- 2 Minute Serverless
- Posts
- Using Terraform Null Resource vs External Data vs Custom Provider: A Deep Dive
Using Terraform Null Resource vs External Data vs Custom Provider: A Deep Dive
Optimizing Usage Of Scripts in Infrastructure as Code: A Practical Guide
During a recent interview, I was asked about the practice of invoking scripts to handle some custom resource management task, lets say creating s3 buckets or ensuring the bucket policies are intact for a set of s3 buckets.
When using Terraform, practitioners often encounter scenarios requiring custom logic that isn’t natively supported by Terraform’s resource providers. One such workaround involves leveraging the null resource to invoke a Python script. While this method is simple and quick to implement, alternative approaches such as using the data external resource or creating a custom Terraform provider offer their own unique advantages. This blog explores these three approaches and compares them based on use cases, pros, and cons.
Thus integrating Python scripts with Terraform, there are three main approaches: null_resource with local-exec provisioner, data "external" blocks, and custom providers.
Let's analyze each approach and their optimal use cases.
Null Resource with Python Script
Null resources in Terraform act as placeholder resources that don't create any real infrastructure but allow you to trigger provisioners and execute arbitrary commands, making them ideal for running Python scripts during Terraform operations.
resource "null_resource" "python_executor" {
provisioner "local-exec" {
command = "python script.py ${var.input_param}"
}
}
The null_resource approach executes Python scripts as local commands during Terraform's apply phase. This is straightforward but has limitations in state management and data return handling.
Pros:
Quick to implement with minimal setup.
No need for additional tools or plugins.
Ideal for small, one-off customizations.
Cons:
Tightly coupled to the execution environment, requiring dependencies (e.g., Python) to be installed.
Difficult to scale and maintain as complexity grows.
Error handling and state management are rudimentary.
External Data Source
The external data source in Terraform provides a standardized interface for executing external programs and incorporating their output into Terraform's state management system, requiring the external program to accept JSON input and return JSON output in a specific format.
data "external" "python_data" {
program = ["python", "script.py"]
query = {
param = var.input_param
}
}
The external data source provides a structured way to execute external programs and capture their output in Terraform's state.
Pros:
Provides a cleaner interface for input and output handling.
Decouples execution logic from Terraform resources.
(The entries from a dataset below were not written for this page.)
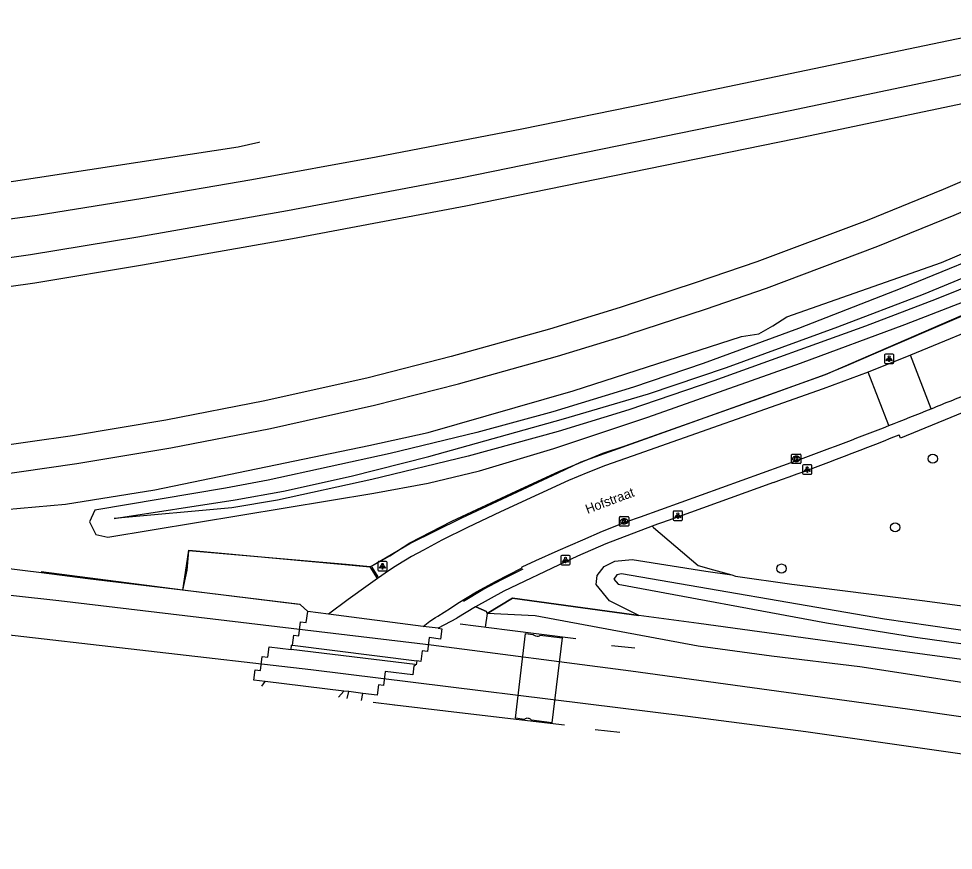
# Model space of a CAD drawing. Extents: x 162990 to 165007, y 383433 to 384336.
# Drawn here: x 163237.1 to 163336.6, y 383947.4 to 384036 of the extents above; entities that cross this region are included whole.
import ezdxf

# ---------------------------------------------------------------- set-up
doc = ezdxf.new("R2010")
doc.units = 0
for name, color, linetype in [('IMGEO_Berm_groen', 7, 'Continuous'), ('IMGEO_Boom', 7, 'Continuous'), ('IMGEO_Grasland_overig', 7, 'Continuous'), ('IMGEO_Greppel_droge_sloot', 7, 'Continuous'), ('IMGEO_Groenvoorziening', 7, 'Continuous'), ('IMGEO_Hek', 7, 'Continuous'), ('IMGEO_Kolk', 7, 'Continuous'), ('IMGEO_Lichtpunt', 7, 'Continuous'), ('IMGEO_Openbare_ruimte_label', 7, 'Continuous'), ('IMGEO_Overweg_gesloten', 7, 'Continuous'), ('IMGEO_Rijbaan_lokaal_open', 7, 'Continuous'), ('IMGEO_Spoor', 7, 'Continuous'), ('IMGEO_Spoorbaan_gesloten', 7, 'Continuous'), ('IMGEO_Spoorbaan_halfverhard', 7, 'Continuous'), ('IMGEO_Voetpad_open', 7, 'Continuous')]:
    doc.layers.add(name, color=color, linetype=linetype)

msp = doc.modelspace()

# ---------------------------------------------------------------- linework, layer by layer
at = {"layer": 'IMGEO_Berm_groen'}
msp.add_lwpolyline([(163274.504, 383977.632), (163278.725, 383980.117), (163284.265, 383982.864), (163294.54, 383987.657), (163296.984, 383988.804), (163323.041, 383998.108), (163383.183, 384024.211), (163402.575, 384035.786), (163402.671, 384035.843), (163402.812, 384035.885), (163403.247, 384036.139), (163416.877, 384040.507), (163432.67, 384043.744)], dxfattribs=at)
at = {"layer": 'IMGEO_Boom'}
for centre in [(163334.456, 383989.158), (163330.444, 383981.843), (163318.336, 383977.453)]:
    msp.add_circle(centre, 0.489, dxfattribs=at)
at = {"layer": 'IMGEO_Grasland_overig'}
for points in [[(163342.972, 384012.156), (163331.165, 384007.304), (163320.164, 384003.038), (163309.979, 383999.286), (163302.567, 383996.776), (163293.987, 383994.145), (163285.879, 383991.937), (163276.631, 383989.703), (163263.65, 383986.875), (163259.094, 383986.022), (163245.152, 383983.669)], [(163245.152, 383983.669), (163244.587, 383982.445), (163245.283, 383981.092), (163246.57, 383980.794), (163274.912, 383985.473), (163280.669, 383986.55), (163286.157, 383987.877), (163294.069, 383990.254), (163304.088, 383993.574), (163320.354, 383999.335), (163331.466, 384003.436), (163338.904, 384006.333)], [(163304.538, 383981.977), (163304.708, 383981.835), (163309.473, 383977.765), (163311.103, 383977.312), (163313.037, 383976.774)], [(163303.12, 383972.457), (163300.026, 383974.011), (163298.586, 383975.747), (163298.705, 383976.708), (163299.453, 383977.67), (163300.569, 383978.245), (163302.435, 383978.402), (163310.274, 383977.162), (163313.037, 383976.774)], [(163286.956, 383972.666), (163289.676, 383974.314), (163297.159, 383973.255), (163303.12, 383972.457)], [(163387.544, 383960.538), (163366.442, 383963.654), (163364.063, 383964.046), (163356.548, 383965.123), (163349.156, 383966.209), (163331.773, 383968.554), (163309.512, 383971.604), (163303.12, 383972.457)]]:
    msp.add_lwpolyline(points, dxfattribs=at)
at = {"layer": 'IMGEO_Greppel_droge_sloot'}
for points in [[(163274.685, 383986.922), (163264.631, 383984.748), (163259.777, 383983.906), (163247.226, 383982.795), (163260.11, 383984.784), (163265.254, 383985.705), (163272.493, 383987.277), (163280.746, 383989.392), (163295.118, 383993.387), (163304.152, 383996.079), (163312.467, 383998.865), (163324.349, 384003.186), (163333.485, 384006.672), (163348.011, 384012.683)], [(163341.944, 384009.015), (163334.832, 384006.165), (163327.28, 384003.289), (163311.133, 383997.456), (163302.073, 383994.345), (163294.531, 383992.039), (163284.935, 383989.436), (163274.685, 383986.922)], [(163409.986, 383960.583), (163388.793, 383964.228), (163377.195, 383965.699), (163360.31, 383968.096), (163346.455, 383969.572), (163329.328, 383972.064), (163301.28, 383976.885), (163300.783, 383976.774), (163300.462, 383976.334), (163300.94, 383975.775), (163323.14, 383971.677), (163332.603, 383970.136), (163384.444, 383962.888), (163409.693, 383958.969)]]:
    msp.add_lwpolyline(points, dxfattribs=at)
at = {"layer": 'IMGEO_Groenvoorziening'}
msp.add_lwpolyline([(163313.037, 383976.774), (163313.451, 383976.659), (163319.434, 383975.788), (163333.339, 383974.06), (163338.947, 383973.319)], dxfattribs=at)
at = {"layer": 'IMGEO_Hek'}
for points in [[(163254.527, 383975.145), (163255.168, 383979.396), (163274.504, 383977.632), (163274.644, 383977.711), (163276.585, 383978.805), (163278.717, 383980.181), (163283.214, 383982.499), (163290.073, 383985.701), (163294.599, 383987.803), (163297.161, 383988.847), (163299.287, 383989.75), (163301.676, 383990.541), (163315.913, 383995.57), (163322.989, 383998.132), (163325.305, 383999.08), (163329.992, 384001.097), (163341.559, 384006.06), (163350.753, 384010.132), (163366.939, 384017.167), (163383.117, 384024.211), (163402.701, 384035.889), (163408.952, 384037.884)], [(163266.956, 383973.642), (163254.527, 383975.145), (163239.451, 383977.111)], [(163274.669, 383977.596), (163275.328, 383976.57)], [(163284.454, 383973.989), (163286.526, 383975.221), (163288.599, 383976.341), (163290.806, 383977.414)], [(163297.159, 383973.255), (163289.676, 383974.314), (163286.956, 383972.666), (163286.758, 383971.22)], [(163285.777, 383973.367), (163286.892, 383972.867)], [(163387.33, 383959.283), (163387.544, 383960.538), (163366.442, 383963.654), (163364.063, 383964.046), (163356.548, 383965.123), (163349.156, 383966.209), (163331.773, 383968.554), (163309.512, 383971.604), (163303.12, 383972.457), (163297.159, 383973.255)], [(163284.096, 383971.554), (163289.091, 383970.927), (163296.413, 383969.999)], [(163300.233, 383969.246), (163302.725, 383969)], [(163274.829, 383963.207), (163277.133, 383962.938), (163285.218, 383961.992), (163295.21, 383960.806)], [(163277.133, 383962.938), (163277.124, 383962.872)], [(163298.477, 383960.317), (163301.101, 383960.028)]]:
    msp.add_lwpolyline(points, dxfattribs=at)
at = {"layer": 'IMGEO_Kolk'}
for p, q in [((163319.412, 383988.714), (163319.412, 383989.566)), ((163319.487, 383989.64), (163320.339, 383989.64)), ((163319.923, 383988.86), (163319.898, 383988.86)), ((163319.9, 383989.42), (163319.925, 383989.42)), ((163320.413, 383989.566), (163320.413, 383988.714)), ((163320.339, 383988.64), (163319.487, 383988.64)), ((163301.06, 383982.057), (163301.06, 383982.909)), ((163301.135, 383982.983), (163301.987, 383982.983)), ((163301.548, 383982.763), (163301.573, 383982.763)), ((163302.061, 383982.909), (163302.061, 383982.057)), ((163301.987, 383981.983), (163301.135, 383981.983)), ((163301.571, 383982.203), (163301.546, 383982.203))]:
    msp.add_line(p, q, dxfattribs=at)
for points in [[(163319.412, 383988.714), (163319.412, 383989.566)], [(163319.487, 383989.64), (163320.339, 383989.64)], [(163319.733, 383989.34), (163319.856, 383989.34), (163319.856, 383989.189), (163319.986, 383989.34), (163320.15, 383989.34), (163320.004, 383989.189), (163320.157, 383988.94), (163320.005, 383988.94), (163319.92, 383989.104), (163319.856, 383989.037), (163319.856, 383988.94), (163319.733, 383988.94), (163319.733, 383989.34)], [(163320.413, 383989.566), (163320.413, 383988.714)], [(163320.339, 383988.64), (163319.487, 383988.64)], [(163301.06, 383982.057), (163301.06, 383982.909)], [(163301.135, 383982.983), (163301.987, 383982.983)], [(163302.061, 383982.909), (163302.061, 383982.057)], [(163301.987, 383981.983), (163301.135, 383981.983)], [(163301.381, 383982.683), (163301.504, 383982.683), (163301.504, 383982.532), (163301.634, 383982.683), (163301.798, 383982.683), (163301.652, 383982.532), (163301.805, 383982.283), (163301.653, 383982.283), (163301.568, 383982.447), (163301.504, 383982.38), (163301.504, 383982.283), (163301.381, 383982.283), (163301.381, 383982.683)]]:
    msp.add_lwpolyline(points, dxfattribs=at)
for centre, start, end in [((163319.489, 383989.564), 91.55205, 178.44795), ((163319.489, 383989.564), 91.55205, 178.44795), ((163320.337, 383989.564), 1.55205, 88.44795), ((163320.337, 383989.564), 1.55205, 88.44795), ((163319.489, 383988.716), 181.55205, 268.44795), ((163319.489, 383988.716), 181.55205, 268.44795), ((163320.337, 383988.716), 271.55205, 358.44795), ((163320.337, 383988.716), 271.55205, 358.44795), ((163301.137, 383982.907), 91.55205, 178.44795), ((163301.137, 383982.907), 91.55205, 178.44795), ((163301.985, 383982.907), 1.55205, 88.44795), ((163301.985, 383982.907), 1.55205, 88.44795), ((163301.137, 383982.059), 181.55205, 268.44795), ((163301.137, 383982.059), 181.55205, 268.44795), ((163301.985, 383982.059), 271.55205, 358.44795), ((163301.985, 383982.059), 271.55205, 358.44795)]:
    msp.add_arc(centre, 0.0765, start, end, dxfattribs=at)
for centre, major_axis, ratio, start_param, end_param in [((163319.899, 383989.14), (-0.387, 0.002), 0.722429, 4.712389, 7.853982), ((163319.924, 383989.14), (-0.39, 0.002), 0.717154, 1.570796, 4.712389), ((163301.547, 383982.483), (-0.387, 0.002), 0.722429, 4.712389, 7.853982), ((163301.572, 383982.483), (-0.39, 0.002), 0.717154, 1.570796, 4.712389)]:
    msp.add_ellipse(centre, major_axis=major_axis, ratio=ratio, start_param=start_param, end_param=end_param, dxfattribs=at)
at = {"layer": 'IMGEO_Lichtpunt'}
for p, q in [((163329.308, 384000.202), (163329.308, 383999.395)), ((163329.308, 384000.202), (163329.308, 383999.395)), ((163330.21, 384000.297), (163329.402, 384000.297)), ((163330.21, 384000.297), (163329.402, 384000.297)), ((163330.304, 383999.395), (163330.304, 384000.202)), ((163330.304, 383999.395), (163330.304, 384000.202)), ((163329.402, 383999.301), (163330.21, 383999.301)), ((163329.402, 383999.301), (163330.21, 383999.301)), ((163320.582, 383988.407), (163320.582, 383987.6)), ((163320.582, 383988.407), (163320.582, 383987.6)), ((163321.484, 383988.502), (163320.676, 383988.502)), ((163321.484, 383988.502), (163320.676, 383988.502)), ((163321.578, 383987.6), (163321.578, 383988.407)), ((163321.578, 383987.6), (163321.578, 383988.407)), ((163320.676, 383987.506), (163321.484, 383987.506)), ((163320.676, 383987.506), (163321.484, 383987.506)), ((163306.797, 383983.488), (163306.797, 383982.681)), ((163306.797, 383983.488), (163306.797, 383982.681)), ((163307.699, 383983.583), (163306.891, 383983.583)), ((163307.699, 383983.583), (163306.891, 383983.583)), ((163307.793, 383982.681), (163307.793, 383983.488)), ((163307.793, 383982.681), (163307.793, 383983.488)), ((163306.891, 383982.587), (163307.699, 383982.587)), ((163306.891, 383982.587), (163307.699, 383982.587)), ((163295.727, 383978.851), (163294.919, 383978.851)), ((163295.727, 383978.851), (163294.919, 383978.851)), ((163275.317, 383978.111), (163275.317, 383977.304)), ((163275.317, 383978.111), (163275.317, 383977.304)), ((163276.219, 383978.206), (163275.411, 383978.206)), ((163276.219, 383978.206), (163275.411, 383978.206)), ((163276.313, 383977.304), (163276.313, 383978.111)), ((163276.313, 383977.304), (163276.313, 383978.111)), ((163294.825, 383978.756), (163294.825, 383977.949)), ((163294.825, 383978.756), (163294.825, 383977.949)), ((163294.919, 383977.855), (163295.727, 383977.855)), ((163294.919, 383977.855), (163295.727, 383977.855)), ((163295.821, 383977.949), (163295.821, 383978.756)), ((163295.821, 383977.949), (163295.821, 383978.756)), ((163275.411, 383977.21), (163276.219, 383977.21)), ((163275.411, 383977.21), (163276.219, 383977.21))]:
    msp.add_line(p, q, dxfattribs=at)
for points in [[(163329.682, 383999.866), (163329.721, 383999.838), (163329.533, 383999.576), (163329.495, 383999.603), (163329.682, 383999.866)], [(163329.784, 383999.818), (163329.831, 383999.818), (163329.831, 383999.496), (163329.784, 383999.496), (163329.784, 383999.818)], [(163329.894, 383999.838), (163329.932, 383999.865), (163330.119, 383999.603), (163330.08, 383999.575), (163329.894, 383999.838)], [(163320.956, 383988.071), (163320.995, 383988.043), (163320.807, 383987.781), (163320.769, 383987.808), (163320.956, 383988.071)], [(163321.058, 383988.023), (163321.105, 383988.023), (163321.105, 383987.701), (163321.058, 383987.701), (163321.058, 383988.023)], [(163321.168, 383988.043), (163321.206, 383988.07), (163321.393, 383987.808), (163321.354, 383987.78), (163321.168, 383988.043)], [(163307.171, 383983.152), (163307.21, 383983.124), (163307.022, 383982.862), (163306.984, 383982.889), (163307.171, 383983.152)], [(163307.273, 383983.104), (163307.32, 383983.104), (163307.32, 383982.782), (163307.273, 383982.782), (163307.273, 383983.104)], [(163307.383, 383983.124), (163307.421, 383983.151), (163307.608, 383982.889), (163307.569, 383982.861), (163307.383, 383983.124)], [(163275.691, 383977.775), (163275.73, 383977.747), (163275.542, 383977.485), (163275.504, 383977.512), (163275.691, 383977.775)], [(163275.903, 383977.747), (163275.941, 383977.774), (163276.128, 383977.512), (163276.089, 383977.484), (163275.903, 383977.747)], [(163295.199, 383978.42), (163295.238, 383978.392), (163295.05, 383978.13), (163295.012, 383978.157), (163295.199, 383978.42)], [(163295.301, 383978.372), (163295.348, 383978.372), (163295.348, 383978.05), (163295.301, 383978.05), (163295.301, 383978.372)], [(163295.411, 383978.392), (163295.449, 383978.419), (163295.636, 383978.157), (163295.597, 383978.129), (163295.411, 383978.392)], [(163275.793, 383977.727), (163275.84, 383977.727), (163275.84, 383977.405), (163275.793, 383977.405), (163275.793, 383977.727)]]:
    msp.add_lwpolyline(points, dxfattribs=at)
for centre in [(163329.807, 384000), (163321.081, 383988.205), (163307.296, 383983.286), (163275.816, 383977.909), (163295.324, 383978.554)]:
    msp.add_circle(centre, 0.0994, dxfattribs=at)
for centre, start, end in [((163329.402, 384000.202), 90, 180), ((163329.402, 384000.202), 90, 180), ((163330.21, 384000.202), 0, 90), ((163330.21, 384000.202), 0, 90), ((163329.402, 383999.395), 180, 270), ((163329.402, 383999.395), 180, 270), ((163330.21, 383999.395), 270, 0), ((163330.21, 383999.395), 270, 360), ((163320.676, 383988.407), 90, 180), ((163320.676, 383988.407), 90, 180), ((163321.484, 383988.407), 0, 90), ((163321.484, 383988.407), 0, 90), ((163320.676, 383987.6), 180, 270), ((163320.676, 383987.6), 180, 270), ((163321.484, 383987.6), 270, 0), ((163321.484, 383987.6), 270, 360), ((163306.891, 383983.488), 90, 180), ((163306.891, 383983.488), 90, 180), ((163307.699, 383983.488), 0, 90), ((163307.699, 383983.488), 0, 90), ((163306.891, 383982.681), 180, 270), ((163306.891, 383982.681), 180, 270), ((163307.699, 383982.681), 270, 0), ((163307.699, 383982.681), 270, 360), ((163294.919, 383978.756), 90, 180), ((163294.919, 383978.756), 90, 180), ((163295.727, 383978.756), 0, 90), ((163295.727, 383978.756), 0, 90), ((163275.411, 383978.111), 90, 180), ((163275.411, 383978.111), 90, 180), ((163276.219, 383978.111), 0, 90), ((163276.219, 383978.111), 0, 90), ((163294.919, 383977.949), 180, 270), ((163294.919, 383977.949), 180, 270), ((163295.727, 383977.949), 270, 0), ((163295.727, 383977.949), 270, 360), ((163275.411, 383977.304), 180, 270), ((163275.411, 383977.304), 180, 270), ((163276.219, 383977.304), 270, 0), ((163276.219, 383977.304), 270, 360)]:
    msp.add_arc(centre, 0.0946, start, end, dxfattribs=at)
at = {"layer": 'IMGEO_Overweg_gesloten'}
for points in [[(163266.223, 383969.281), (163266.357, 383970.366), (163266.911, 383970.298), (163267.095, 383971.787), (163267.702, 383971.712), (163267.85, 383972.865)], [(163270.07, 383972.581), (163267.85, 383972.865)], [(163280.155, 383971.294), (163270.07, 383972.581)], [(163281.743, 383971.091), (163282.132, 383971.041), (163281.998, 383969.948), (163280.806, 383970.095), (163280.623, 383968.607), (163280.034, 383968.679), (163279.896, 383967.556), (163279.464, 383967.61)], [(163281.743, 383971.091), (163280.155, 383971.294)], [(163263.311, 383965.418), (163262.124, 383965.562), (163262.256, 383966.656), (163262.824, 383966.588), (163263.003, 383968.077), (163263.598, 383968.006), (163263.732, 383969.12), (163266.077, 383968.834)], [(163279.299, 383967.218), (163266.077, 383968.834)], [(163266.223, 383969.281), (163279.464, 383967.61)], [(163279.299, 383967.218), (163279.283, 383967.091), (163279.176, 383967.104), (163279.061, 383966.15), (163276.121, 383966.503), (163275.942, 383965.014), (163275.381, 383965.081), (163275.247, 383963.975), (163273.715, 383964.16)], [(163271.683, 383964.406), (163263.311, 383965.418)], [(163272.219, 383964.341), (163271.683, 383964.406)], [(163273.715, 383964.16), (163272.219, 383964.341)]]:
    msp.add_lwpolyline(points, dxfattribs=at)
at = {"layer": 'IMGEO_Rijbaan_lokaal_open'}
for points in [[(163364.723, 384014.183), (163349.325, 384007.457), (163341.556, 384004.085), (163332.067, 384000.185)], [(163332.067, 384000.185), (163327.564, 383998.356)], [(163334.277, 383994.471), (163332.067, 384000.185)], [(163327.564, 383998.356), (163322.766, 383996.61), (163302.414, 383989.419), (163299.572, 383988.415), (163297.702, 383987.696), (163295.645, 383986.817), (163292.488, 383985.394), (163288.397, 383983.488), (163284.88, 383981.84), (163282.128, 383980.477), (163280.177, 383979.402), (163278.915, 383978.721), (163277.447, 383977.863), (163277.156, 383977.674), (163276.568, 383977.292), (163275.296, 383976.404)], [(163329.76, 383992.677), (163327.564, 383998.356)], [(163280.155, 383971.294), (163280.846, 383971.835), (163281.46, 383972.231), (163281.717, 383972.396), (163283.075, 383973.248), (163283.852, 383973.763), (163285.829, 383974.963), (163287.921, 383976.127), (163290.63, 383977.508), (163290.699, 383977.621), (163292.173, 383978.312), (163294.536, 383979.378), (163297.17, 383980.528), (163299.265, 383981.44), (163301.863, 383982.449), (163303.301, 383982.956), (163320.649, 383989.228)], [(163274.504, 383977.632), (163271.951, 383977.87), (163269.445, 383978.093), (163255.162, 383979.353), (163254.956, 383977.287), (163254.51, 383975.136)], [(163275.296, 383976.404), (163274.504, 383977.632)], [(163275.296, 383976.404), (163274.286, 383975.698), (163272.178, 383974.143), (163270.07, 383972.581)], [(163271.683, 383964.406), (163271.115, 383963.746)]]:
    msp.add_lwpolyline(points, dxfattribs=at)
for centre, radius, start, end in [((163168.64, 384405.397), 443.053, 291.95353, 292.59596), ((163164.319, 384415.815), 454.331, 291.35484, 291.96777), ((163165.37, 384413.176), 451.49, 290.11617, 291.35249)]:
    msp.add_arc(centre, radius, start, end, dxfattribs=at)
at = {"layer": 'IMGEO_Spoor'}
for points in [[(163482.504, 384064.124), (163438.347, 384055.003), (163304.284, 384027.02), (163290.651, 384024.258), (163275.14, 384021.273), (163261.909, 384018.846), (163250.276, 384016.868), (163239.034, 384015.076), (163225.051, 384013.191), (163210.675, 384011.424), (163197.565, 384010.035), (163186.306, 384009.051), (163170.778, 384007.955), (163157.742, 384007.242), (163145.353, 384006.773), (163136.4, 384006.585), (163127.534, 384006.532), (163114.97, 384006.669), (163093.304, 384007.27), (163079.785, 384007.903), (163066.124, 384008.71), (163050.352, 384009.854), (163020.285, 384012.339), (163007.925, 384013.445)], [(163407.712, 384044.788), (163319.259, 384026.2), (163284.13, 384019.05), (163265.686, 384015.557), (163249.751, 384012.76), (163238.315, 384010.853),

Output can be used dynamically in other Terraform resources.
Cons:
Slightly more setup compared to
null_resource
.Limited to simple input-output tasks.
Performance can be a concern for long-running scripts.
Custom Provider
Custom providers in Terraform allow you to encapsulate complex business logic into a dedicated, maintainable Go package that integrates natively with Terraform's plugin system, offering full state management, validation, and resource lifecycle control through a well-defined API.
provider "custom" {
// Configuration options
}
resource "custom_resource" "example" {
input_param = var.input_param
}
Creating a custom provider requires more initial setup but offers the best integration with Terraform's ecosystem.
Pros:
Highly scalable and maintainable.
Offers first-class integration with Terraform workflows.
Well-suited for complex, reusable logic.
Cons:
Requires significant time and expertise to develop.
Written in Go, not Python.
Overhead might be unnecessary for simple use cases.
Comparision
Aspect | Null Resource | External Data | Custom Provider |
---|---|---|---|
Setup Complexity | Low - Simple script execution | Medium - Requires JSON I/O handling | High - Requires Go development |
State Management | Poor - No built-in state tracking | Good - State managed via data source | Excellent - Full state management |
Error Handling | Basic - Exit codes only | Moderate - JSON response validation | Robust - Native error handling |
Reusability | Limited - Script-dependent | Moderate - Reusable across configurations | Excellent - Distributable as package |
Development Time | Quick - Immediate implementation | Medium - JSON interface needed | Long - Provider development required |
Maintenance | Challenging - Manual script updates | Moderate - Version control needed | Simple - Managed via registry |
Input/Output Control | Limited - Environment variables/CLI | Good - Structured JSON | Excellent - Schema-validated |
Testing | Difficult - Manual testing required | Moderate - JSON testing possible | Excellent - Built-in testing framework |
Documentation | Manual - Separate documentation needed | Basic - Data source docs | Excellent - Registry documentation |
Version Control | Manual - Script versioning needed | Good - Script + configuration | Excellent - Provider versioning |
Recommendations
Choose based on your requirements:
Use null_resource for simple, one-off script executions
Personally, I would try to avoid the usage of scripts since it introduces security and governance risk with systems where they get invoked.
Use external data for structured data exchange without complex logic
Personally, I would use these for limited use cases.
Develop a custom provider for production-grade, reusable infrastructure components
This is the best approach but requires heavy lifting.
The choice ultimately depends on factors like development time, maintenance requirements, and reusability needs.